Makes me cry too, for the price...in a bad way.  Definitely not worth it.  

I wonder what their production cost is?  Nickels?

----------


## dave lorrez

@Mike, i had more than 1 and the first pieces defenitely had something  :Wink: 


Dave

----------


## Aaron Justice

> @Mike, i had more than 1 and the first pieces defenitely had something 
> 
> 
> Dave


I saw the same effect on the Oni and Mantis swords I saw in person. It's not hada, the general concensus is that it's "alloy banding", a naturally occuring layering in the steel. Even the old Paul Chen Tokugawa katana had it.

----------


## dave lorrez

Thxs Aaron, never heard of that before..

Saw the same kind of stuff in a naginata




Dave

----------


## Aaron Justice

Not sure what creates alloy banding, but AndrewHarrington forged a whaling knife and posted it here, it also had a large level of alloy banding. Couldn't find the thread though.

----------


## Andrew G.

I owned an experimental James Raw blade in which he intentionally aimed to create alloy-banding in order to mimick hada.  The banding only occurred within the yakiba.

I will try to look up a thread where some smiths chimed in about it and post it.

----------


## Andrew G.

Here we go:

http://www.swordforum.com/forums/sho...highlight=en45

----------


## Peter Bystrom

I Own it and i can tell some of you guys just guessing using badly taken photos of it. It is handpolished with japanese waterstones. Im new here so i dont know how to upload photos,but when i figure it out,i will send som pics of My Paper Crane Katana.

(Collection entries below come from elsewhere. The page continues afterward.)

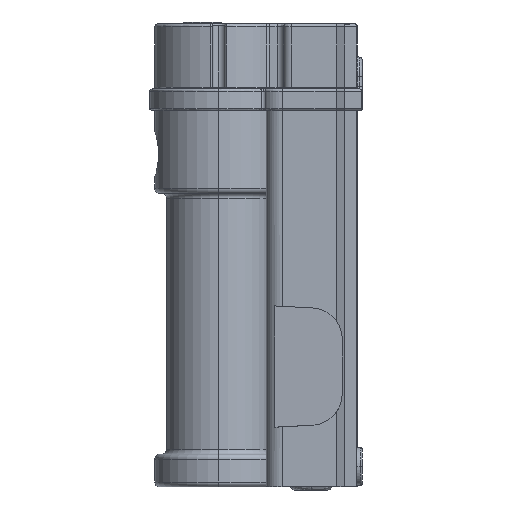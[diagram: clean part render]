
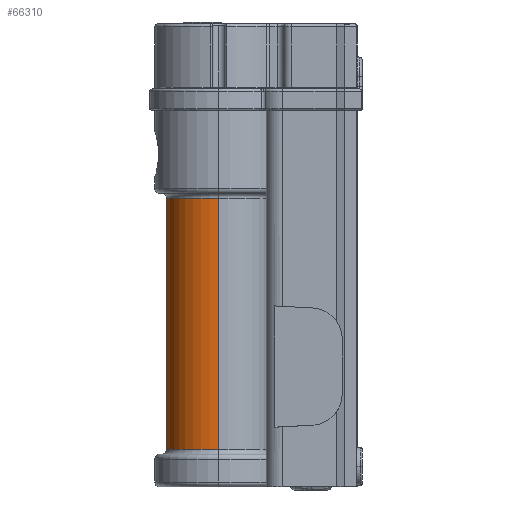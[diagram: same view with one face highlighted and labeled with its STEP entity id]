
A CAD part, left-side view. The second image highlights one B-rep face of the part: STEP entity #66310.
In plain terms, the highlighted cylindrical face has radius 32 mm (diameter 64 mm), a partial arc.
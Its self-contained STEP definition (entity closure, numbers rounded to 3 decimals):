
#1718 = CIRCLE ( 'NONE', #43948, 32. ) ;
#2087 = EDGE_CURVE ( 'NONE', #16662, #65509, #54671, .T. ) ;
#4193 = CIRCLE ( 'NONE', #49582, 32. ) ;
#7852 = VERTEX_POINT ( 'NONE', #47738 ) ;
#10693 = CARTESIAN_POINT ( 'NONE',  ( 32., 84.75, -181. ) ) ;
#11737 = ORIENTED_EDGE ( 'NONE', *, *, #55218, .F. ) ;
#13015 = ORIENTED_EDGE ( 'NONE', *, *, #66959, .T. ) ;
#15700 = AXIS2_PLACEMENT_3D ( 'NONE', #66538, #27434, #19668 ) ;
#16662 = VERTEX_POINT ( 'NONE', #26402 ) ;
#17025 = DIRECTION ( 'NONE',  ( 0., 0., -1. ) ) ;
#17449 = EDGE_LOOP ( 'NONE', ( #13015, #67783, #36438, #11737 ) ) ;
#17915 = CARTESIAN_POINT ( 'NONE',  ( 0., 84.75, -181. ) ) ;
#19668 = DIRECTION ( 'NONE',  ( -1., 0., 0. ) ) ;
#21558 = CARTESIAN_POINT ( 'NONE',  ( -32., 84.75, -27. ) ) ;
#21566 = FACE_OUTER_BOUND ( 'NONE', #17449, .T. ) ;
#23831 = DIRECTION ( 'NONE',  ( -1., 0., 0. ) ) ;
#24761 = CARTESIAN_POINT ( 'NONE',  ( -32., 84.75, 66.51 ) ) ;
#26402 = CARTESIAN_POINT ( 'NONE',  ( 32., 84.75, -27. ) ) ;
#27434 = DIRECTION ( 'NONE',  ( 0., 0., -1. ) ) ;
#29353 = CYLINDRICAL_SURFACE ( 'NONE', #15700, 32. ) ;
#31611 = DIRECTION ( 'NONE',  ( 0., 0., 1. ) ) ;
#33326 = VECTOR ( 'NONE', #17025, 1000. ) ;
#35826 = EDGE_CURVE ( 'NONE', #65509, #7852, #1718, .T. ) ;
#36438 = ORIENTED_EDGE ( 'NONE', *, *, #35826, .T. ) ;
#38847 = VECTOR ( 'NONE', #39009, 1000. ) ;
#39009 = DIRECTION ( 'NONE',  ( 0., 0., -1. ) ) ;
#43095 = CARTESIAN_POINT ( 'NONE',  ( 0., 84.75, -27. ) ) ;
#43948 = AXIS2_PLACEMENT_3D ( 'NONE', #17915, #31611, #23831 ) ;
#46849 = CARTESIAN_POINT ( 'NONE',  ( 32., 84.75, 66.51 ) ) ;
#47738 = CARTESIAN_POINT ( 'NONE',  ( -32., 84.75, -181. ) ) ;
#49582 = AXIS2_PLACEMENT_3D ( 'NONE', #43095, #72591, #64693 ) ;
#54671 = LINE ( 'NONE', #46849, #38847 ) ;
#55218 = EDGE_CURVE ( 'NONE', #68968, #7852, #56019, .T. ) ;
#56019 = LINE ( 'NONE', #24761, #33326 ) ;
#64693 = DIRECTION ( 'NONE',  ( 1., 0., 0. ) ) ;
#65509 = VERTEX_POINT ( 'NONE', #10693 ) ;
#66310 = ADVANCED_FACE ( 'NONE', ( #21566 ), #29353, .T. ) ;
#66538 = CARTESIAN_POINT ( 'NONE',  ( 0., 84.75, 66.51 ) ) ;
#66959 = EDGE_CURVE ( 'NONE', #68968, #16662, #4193, .T. ) ;
#67783 = ORIENTED_EDGE ( 'NONE', *, *, #2087, .T. ) ;
#68968 = VERTEX_POINT ( 'NONE', #21558 ) ;
#72591 = DIRECTION ( 'NONE',  ( 0., 0., -1. ) ) ;

Edit: managed to upload one. As you can see,its basically a mirrorpolish on it.

----------


## Holger P.

Wow, your's looks much better. It's really ridiculous that Hanwei is inconsistent even with their "top of the line" sword. As you can see, mine has the typical Hanwei frosting and the polish is not different from any of their other high end Katanas. I also have the Paper Crane Wakizashi and the hamon looks like yours but the polish is somewhat between your sword and the picture above from Dave. The fittings are beautiful but overall I don't see the high price justified. In my opinion you can take any Kami or Praying Mantis Katana and you get the same level of quality. I haven't noticed any special "heirloom quality".

----------


## Peter Bystrom

Holger..are you Swedish by any chance? I am! Hehe! Well,yes,it seems they have that frosting on your sword! And almost a straight hamon too! I never knew they were that inconsistent with their high end swords,they even used different methods on ours,Thats weird! Mine has no frosting at all,the polish on the hamon is actually pretty close to an nihonto. But mine has an other type of flaw - its less sharp than My tori XL and Bushido,so it seems they didn't bother to sharpen it fully!

----------